For Q2FY22, JB recorded revenue of Rs 593 crore, registering a growth of 34 per cent. Q2FY22 profit after tax stood at Rs 98 crore, up by 32 per cent. What factors have contributed the most to help you outperform?  

We managed to sustain revenue momentum even in the second quarter. Domestic formulations business reported 38 per cent growth in the second quarter consistently outpacing IPM growth and our covered market growth. As per IQVIA Dec MAT 21 data, JB is the fastest growing pharmaceutical company among the top 30 companies for CY-2021. Our international business revenue grew at 36 per cent in the second quarter. The higher growth reflected in reported numbers is due to the lower base impact of Q2FY21, where some revenue got deferred to Q3FY21. Headwinds continue for international markets due to COVID uncertainties and logistics challenges.

 

Can you shed some light on the outlook for JB’s growth post the acquisition of brands and related assets from Sanzyme, a leading player in the probiotics and hormones segment? What is the overall growth trend for the probiotics market going forward and what beneficial synergies will be created post-acquisition?  

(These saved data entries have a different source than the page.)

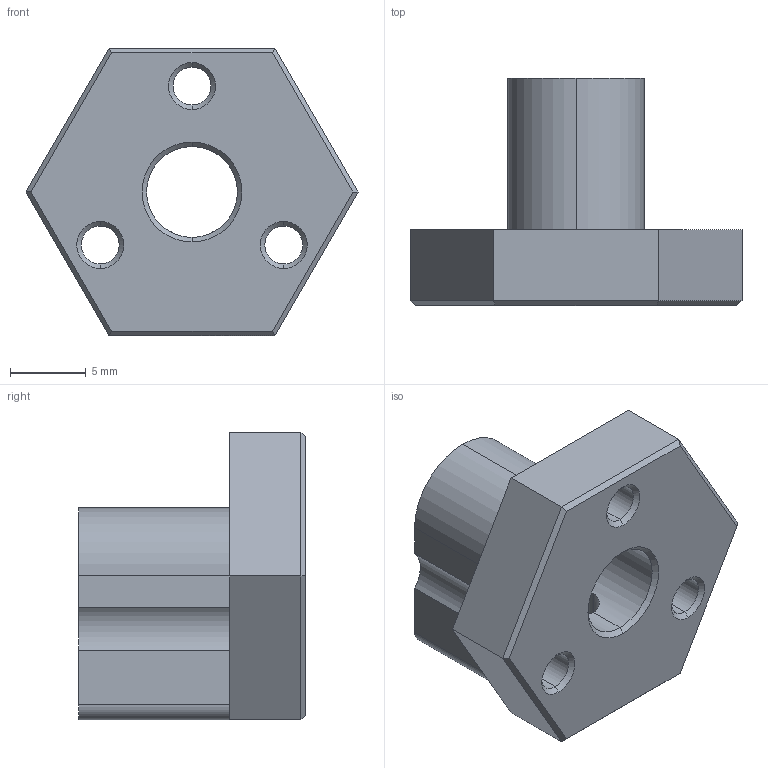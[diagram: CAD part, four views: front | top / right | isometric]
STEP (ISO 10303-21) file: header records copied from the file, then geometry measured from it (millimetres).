
FILE_DESCRIPTION (( 'STEP AP214' ), '1' );
FILE_NAME ('Mootori_adapter.STEP', '2025-05-19T12:15:35', ( '' ), ( '' ), 'SwSTEP 2.0', 'SolidWorks 2024', '' );
FILE_SCHEMA (( 'AUTOMOTIVE_DESIGN' ));
Length unit declared in the file: millimetre
Products named in the file (1): Mootori_adapter
Bounding box: 21.94 x 15 x 19 mm (x, y, z)
Volume: 2143.2 mm3; surface area: 1749.5 mm2
Topology: 1 solids, 1 shells, 47 faces, 125 edges, 78 vertices
Faces by surface type: plane 19, cylinder 18, cone 10
Entity records: 1572 total; most frequent: CARTESIAN_POINT 339, DIRECTION 255, ORIENTED_EDGE 250, EDGE_CURVE 125, AXIS2_PLACEMENT_3D 90, VERTEX_POINT 78, VECTOR 75, LINE 75
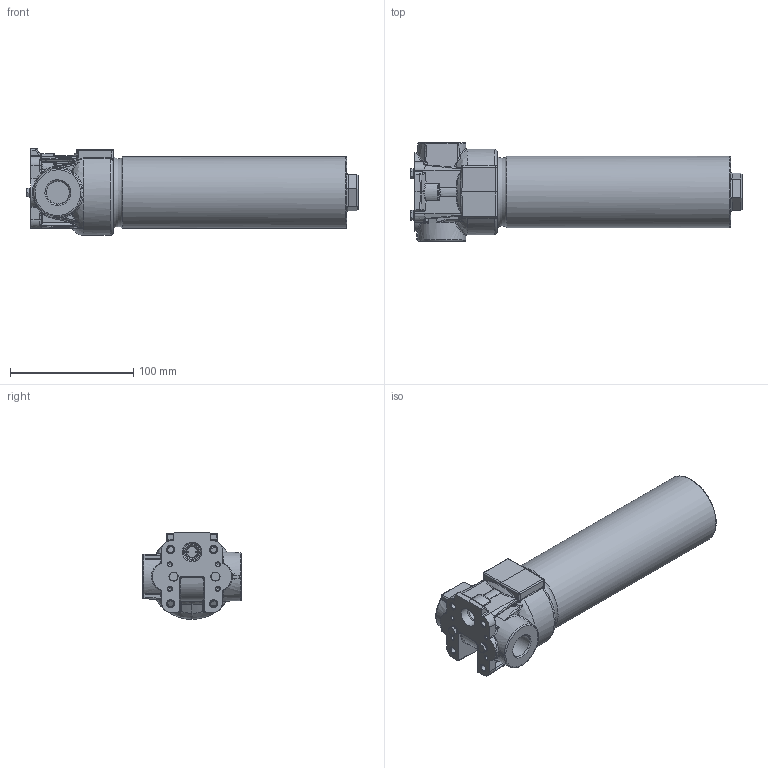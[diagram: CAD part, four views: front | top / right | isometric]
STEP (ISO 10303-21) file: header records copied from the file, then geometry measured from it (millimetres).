
FILE_DESCRIPTION((''),'2;1');
FILE_NAME('U:\Users\t.schleuter\D_062-162.stp','2013-05-06T10:05:57', ('User'),('SDRC'),'I-DEAS Master Series 9','UNIX','Yes');
FILE_SCHEMA(('AUTOMOTIVE_DESIGN { 1 0 10303 214 1 1 1 1 }'));
Length unit declared in the file: millimetre
Products named in the file (1): 12007000(264398)
Bounding box: 269.85 x 80 x 70.52 mm (x, y, z)
Volume: 738716.9 mm3; surface area: 67472.3 mm2
Topology: 1 solids, 6 shells, 549 faces, 1309 edges, 718 vertices
Faces by surface type: bspline 549
Entity records: 21996 total; most frequent: CARTESIAN_POINT 14890, ORIENTED_EDGE 2470, EDGE_CURVE 1235, B_SPLINE_CURVE_WITH_KNOTS 724, VERTEX_POINT 711, EDGE_LOOP 574, FACE_OUTER_BOUND 549, ADVANCED_FACE 549

The acquisition will mark JB’s entry into the fast-growing probiotics, therapeutic nutraceuticals and reproductive health market with an attractive set of brands. JB will be amongst the top five probiotics players, in a segment that is growing at over 15 per cent. This category creates synergies with its strong prescriber base in gastroenterology and nephrology segments. Leading brands in the category like Sporlac, Lobun, Oxalo, Pubergen and Gynogen will now be part of the JB franchise. This is our first acquisition and allows us to expand our presence into new therapeutic areas and new addressable opportunities in the Indian pharmaceutical market. This is in line with our stated objective of building big brands through category leaders. Sanzyme has been a pioneer in the probiotics segment and we wish to build further on this legacy  

 

With inflation leading to a rise in input costs, what cost optimization measures are you implementing to safeguard profit margins?   

The inflation in input costs has been significant for the pharmaceutical industry and this has put pressure on gross margins for the entire industry. We at JB have put a tight leash on all expenditures especially discretionary. We have already begun to implement cost efficiencies and cost control measures across all our spheres of operations.  

 

What is your earnings outlook for the upcoming quarter?  

 We continue to maintain that the focus will be on market-beating growth for the India market and to sustain operating margins before ESOP charges in the 26 to 27 per cent range for FY 2021-22.